Read | Read-Write (75-25%) | Write | |
---|---|---|---|
LinkedHashMap | 13.6 M ops/s | 12.8 M ops/s | 10.9 M ops/s |
Caffeine | 382 M ops/s | 279 M ops/s | 48.3 M ops/s |
Ehcache 2.10 | 20.7 M ops/s | 8.5 M ops/s | 4.7 M ops/s |
Ehcache 3.0m4 | 17.6 M ops/s | 17 M ops/s | 13.9 M ops/s |
The above conclusions counter those made by Ehcache's benchmarks, which were written to support the desired outcome. Most cache usages follow Zipf's law and are heavily skewed towards reads. Ehcache instead tries to show improved performance between versions by using a large linear distribution. This allows benchmark threads to never contend as the probability of accessing the same entry is near zero. By modeling each cache read as a write, the performance appears to improve due to integrating a backport of an updated ConcurrentHashMap where coarse-grained locks were replaced with fine-grained writes. Yet this benefit disappears in a realistic workload where most accesses are to the same hot entries. The follow-up question of why all cache reads must suffer the penalty of a hash table write (rather than a much faster read) is never asked. When the measurements are designed to match the desired conclusion the real performance problems are ignored.

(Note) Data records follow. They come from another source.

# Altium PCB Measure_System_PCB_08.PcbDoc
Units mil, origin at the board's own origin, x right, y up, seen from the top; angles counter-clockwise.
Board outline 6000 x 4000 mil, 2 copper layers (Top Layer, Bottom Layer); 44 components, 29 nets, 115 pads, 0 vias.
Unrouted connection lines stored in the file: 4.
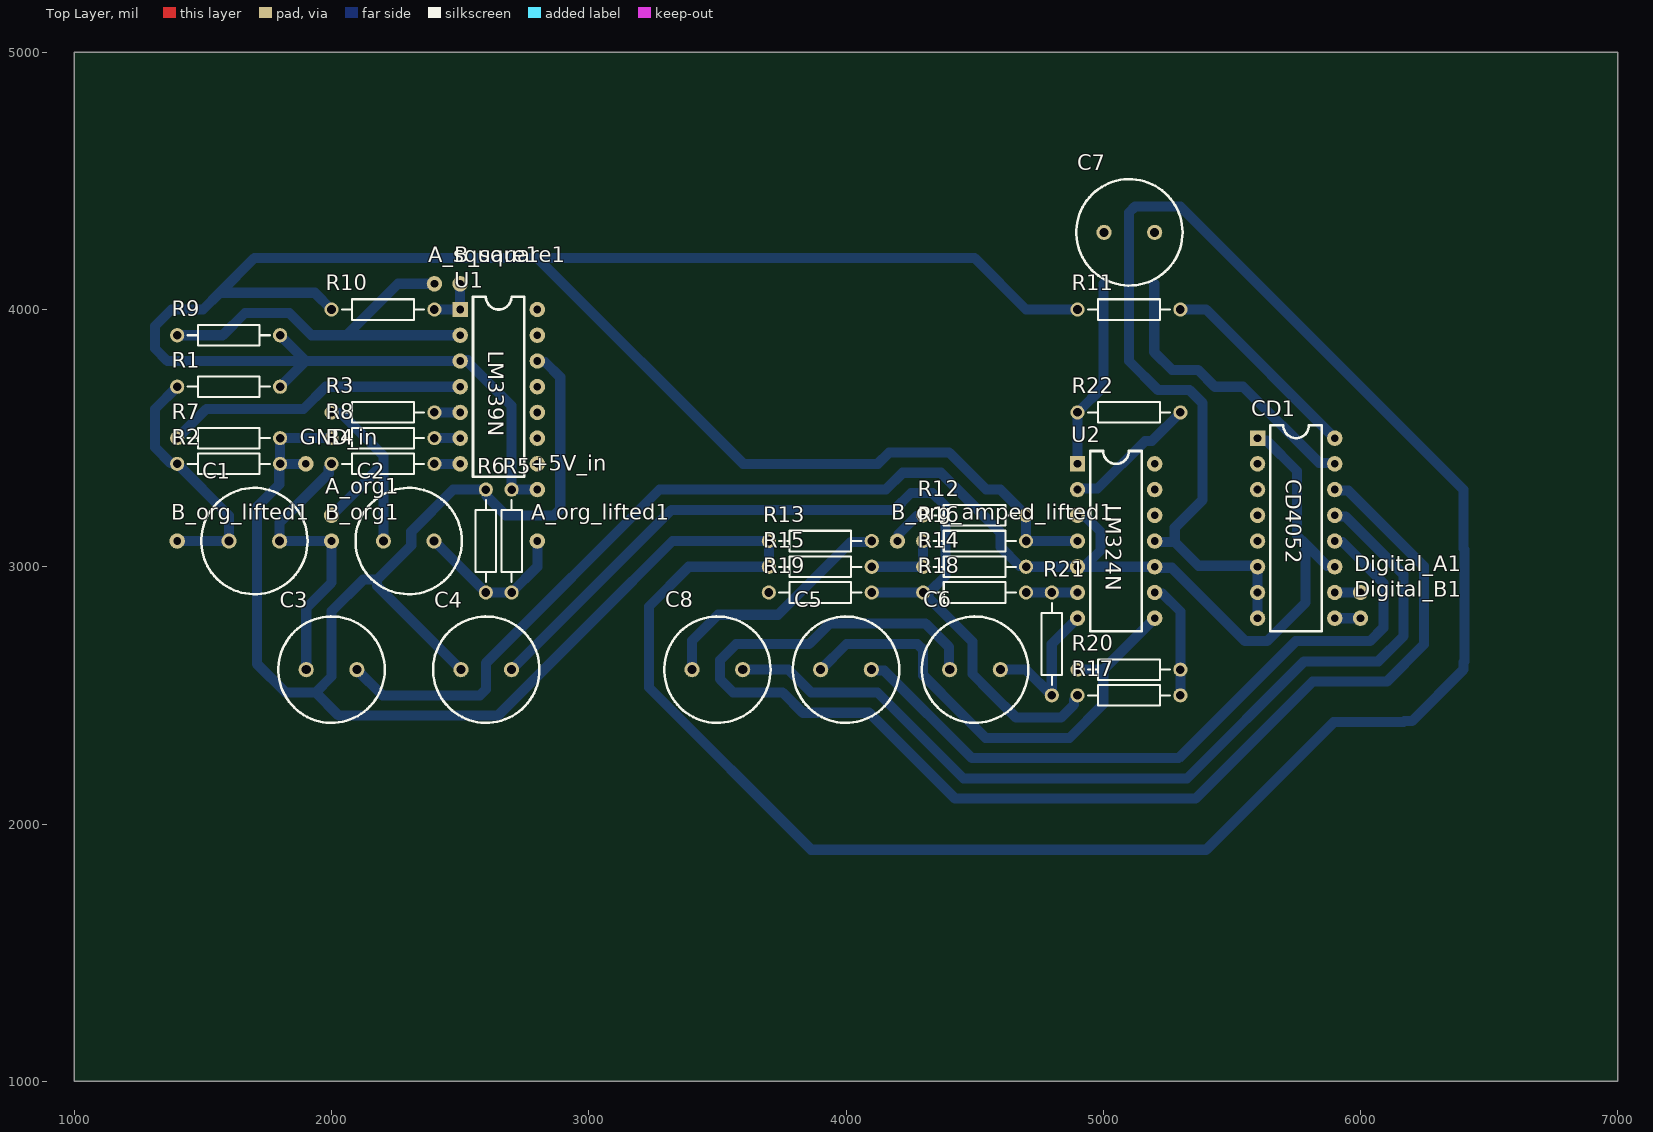
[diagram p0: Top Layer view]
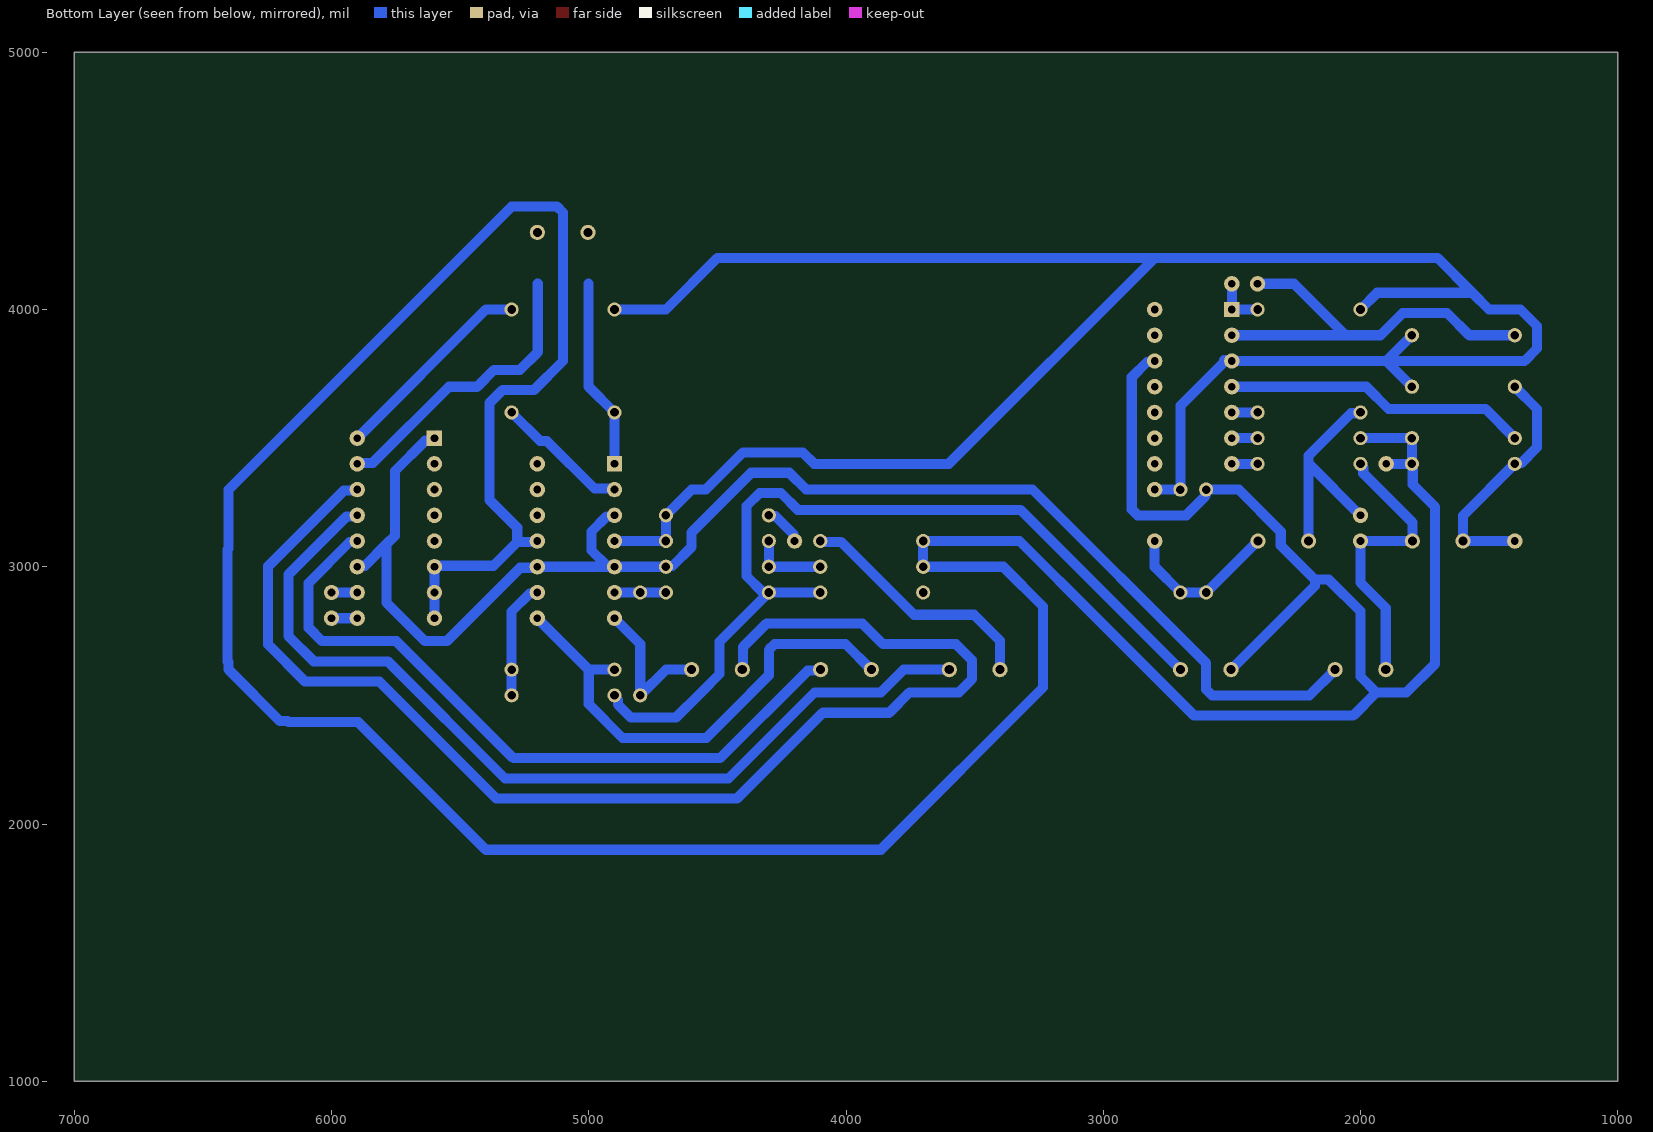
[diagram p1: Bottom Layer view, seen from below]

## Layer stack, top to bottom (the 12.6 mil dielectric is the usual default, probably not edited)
Top Solder: solder mask 0.4, Solder Resist, Dk 3.5
Top Layer: signal copper 1.4
Dielectric 1: dielectric 12.6, FR-4, Dk 4.8
Bottom Layer: signal copper 1.4
Bottom Solder: solder mask 0.4, Solder Resist, Dk 3.5

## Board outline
1000,1000 7000,1000 7000,5000 1000,5000

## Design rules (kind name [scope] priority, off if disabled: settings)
Clearance [All] p1: gap=39.37 ignorepadtopadclearanceinfootprint=FALSE
PolygonConnect [All] p1: connectstyle=Relief reliefconductorwidth=10 reliefentries=4 polygonreliefangle="90 Angle" airgapwidth=10
RoomDefinition Measure_System_Main [InComponentClass('Measure_System_Main')] p1: confinementstyle=ConfineIn formatcopy=TRUE lockcomponents=FALSE outline 0,0 2000,0 2000,1000 0,1000
RoutingVias [All] p1: holewidth=28 width=50 viastyle="Through Hole" minholewidth=28 minwidth=50 maxholewidth=28 maxwidth=50
SolderMaskExpansion [All] p1: expansion=4 istentingtop=FALSE
Width [All] p1: maxlimit=393.7 minlimit=19.68 preferedwidth=39.37 toplayer_maxwidth=393.7 bottomlayer_prefwidth=39.37 minimp=50.000000 maximp=50.000000 favimp=50.000000
30 further rules are at their usual default settings.

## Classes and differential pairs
component class Part_Square: C1 C2 R1 R2 R3 R4 R5 R6 R7 R8 R9 R10 U1
component class Part_PGA: C3 C4 C5 C6 C7 C8 CD1 R11 R12 R13 R14 R15 R16 R17 R18 R19 R20 R21 R22 U2
component class Measure_System_Main: +5V_in A_org1 A_org_lifted1 A_square1 B_org1 B_org_amped_lifted1 B_org_lifted1 B_square1 Digital_A1 Digital_B1 GND_in

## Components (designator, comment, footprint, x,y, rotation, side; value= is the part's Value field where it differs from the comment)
+5V_in "Hole" Hole 2800,3300 r90 top
A_org1 "Hole" Hole 2000,3200 r90 top
A_org_lifted1 "Hole" Hole 2800,3100 r90 top
A_square1 "Hole" Hole 2400,4100 r90 top
B_org1 "Hole" Hole 2000,3100 r90 top
B_org_amped_lifted1 "Hole" Hole 4200,3100 r90 top
B_org_lifted1 "Hole" Hole 1400,3100 r90 top
B_square1 "Hole" Hole 2500,4100 r90 top
C1 "Cap Pol1" RB5-10.5 1700,3100 r180 top value=10u
C2 "Cap Pol1" RB5-10.5 2300,3100 r0 top value=10u
C3 "Cap Pol1" RB5-10.5 2000,2600 r0 top value=10u
C4 "Cap Pol1" RB5-10.5 2601.57,2600 r0 top value=10u
C5 "Cap Pol1" RB5-10.5 4000,2600 r0 top value=10u
C6 "Cap Pol1" RB5-10.5 4501.57,2600 r180 top value=10u
C7 "Cap Pol1" RB5-10.5 5101.57,4300 r0 top value=10u
C8 "Cap Pol1" RB5-10.5 3500,2600 r180 top value=10u
CD1 "CD4052" CD4052 5600,3500 r0 top
Digital_A1 "Hole" Hole 6000,2900 r90 top
Digital_B1 "Hole" Hole 6000,2800 r90 top
GND_in "Hole" Hole 1900,3400 r90 top
R1 "Res2" AXIAL-0.4 1600,3700 r0 top value=100k
R2 "Res2" AXIAL-0.4 1600,3400 r180 top value=100k
R3 "Res2" AXIAL-0.4 2200,3600 r180 top value=1k
R4 "Res2" AXIAL-0.4 2200,3400 r180 top value=1k
R5 "Res2" AXIAL-0.4 2700,3100 r90 top value=100k
R6 "Res2" AXIAL-0.4 2600,3100 r270 top value=100k
R7 "Res2" AXIAL-0.4 1600,3500 r180 top value=10k
R8 "Res2" AXIAL-0.4 2200,3500 r180 top value=10k
R9 "Res2" AXIAL-0.4 1600,3900 r180 top value=10k
R10 "Res2" AXIAL-0.4 2200,4000 r180 top value=10k
R11 "Res2" AXIAL-0.4 5100,4000 r180 top value=200
R12 "Res2" AXIAL-0.4 4500,3200 r0 top value=100k
R13 "Res2" AXIAL-0.4 3900,3100 r0 top value=100k
R14 "Res2" AXIAL-0.4 4500,3000 r0 top value=100k
R15 "Res2" AXIAL-0.4 3900,3000 r0 top value=100k
R16 "Res2" AXIAL-0.4 4500,3100 r180 top value=100k
R17 "Res2" AXIAL-0.4 5100,2500 r0 top value=50k
R18 "Res2" AXIAL-0.4 4500,2900 r0 top value=24k
R19 "Res2" AXIAL-0.4 3900,2900 r180 top value=12k
R20 "Res2" AXIAL-0.4 5100,2600 r180 top value=100k
R21 "Res2" AXIAL-0.4 4800,2700 r270 top value=100k
R22 "Res2" AXIAL-0.4 5100,3600 r180 top value=100k
U1 "LM339N" LM339N 2500,4000 r0 top
U2 "LM324N" LM324N 4900,3400 r0 top

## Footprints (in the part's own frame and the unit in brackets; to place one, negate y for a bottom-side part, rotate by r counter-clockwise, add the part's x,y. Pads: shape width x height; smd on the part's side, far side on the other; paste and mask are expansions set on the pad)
AXIAL-0.4 [mm] "Axial Device, Thru-Hole; 2 Leads; 0.4 in Pin Spacing"
  round 1.4 hole 0.85: 1(-5.08,0) 2(5.08,0)
  silkscreen extent -4.06,-1.02 4.06,1.02
CD4052 [mil]
  rect 60x60 hole 30: 1(0,0)
  round 60 hole 30 mask+4: 2(0,-100) 3(0,-200) 4(0,-300) 5(0,-400) 6(0,-500) 7(0,-600) 8(0,-700) 9(300,-700) 10(300,-600) 11(300,-500) 12(300,-400) 13(300,-300) 14(300,-200) 15(300,-100) 16(300,0)
  silkscreen extent 50,-750 250,50
Hole [mil]
  round 60 hole 30 mask+4: 1(0,0)
LM324N [mil]
  rect 60x60 hole 30: 1(0,0)
  round 60 hole 30 mask+4: 2(0,-100) 3(0,-200) 4(0,-300) 5(0,-400) 6(0,-500) 7(0,-600) 8(300,-600) 9(300,-500) 10(300,-400) 11(300,-300) 12(300,-200) 13(300,-100) 14(300,0)
  silkscreen extent 50,-650 250,50
LM339N [mil]
  rect 60x60 hole 30: 1(0,0)
  round 60 hole 30 mask+4: 2(0,-100) 3(0,-200) 4(0,-300) 5(0,-400) 6(0,-500) 7(0,-600) 8(300,-600) 9(300,-500) 10(300,-400) 11(300,-300) 12(300,-200) 13(300,-100) 14(300,0)
  silkscreen extent 50,-650 250,50
RB5-10.5 [mm] "Capacitor (Radial); 2 Leads"
  round 1.5 hole 0.9: 1(-2.5,0) 2(2.5,0)
  silkscreen extent -5.25,-5.25 5.25,5.25

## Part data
C1 C2 C3 C4 C5 C6 C7 C8: "Polarized Capacitor (Radial)"
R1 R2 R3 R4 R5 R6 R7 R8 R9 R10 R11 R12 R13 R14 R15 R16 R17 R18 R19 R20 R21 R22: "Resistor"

Ehcache has not evolved with performance as a valued core competency. Sadly the development team is [dismissive] ehcache-video by relying on predetermined conclusions instead of profiling, measuring, and understanding their code. This leads to benchmarks that validate the desired hypothesis and ignore the interesting follow up questions. This myopic approach to development disregards concerns raised by users, even when the performance issues are experienced in real world applications.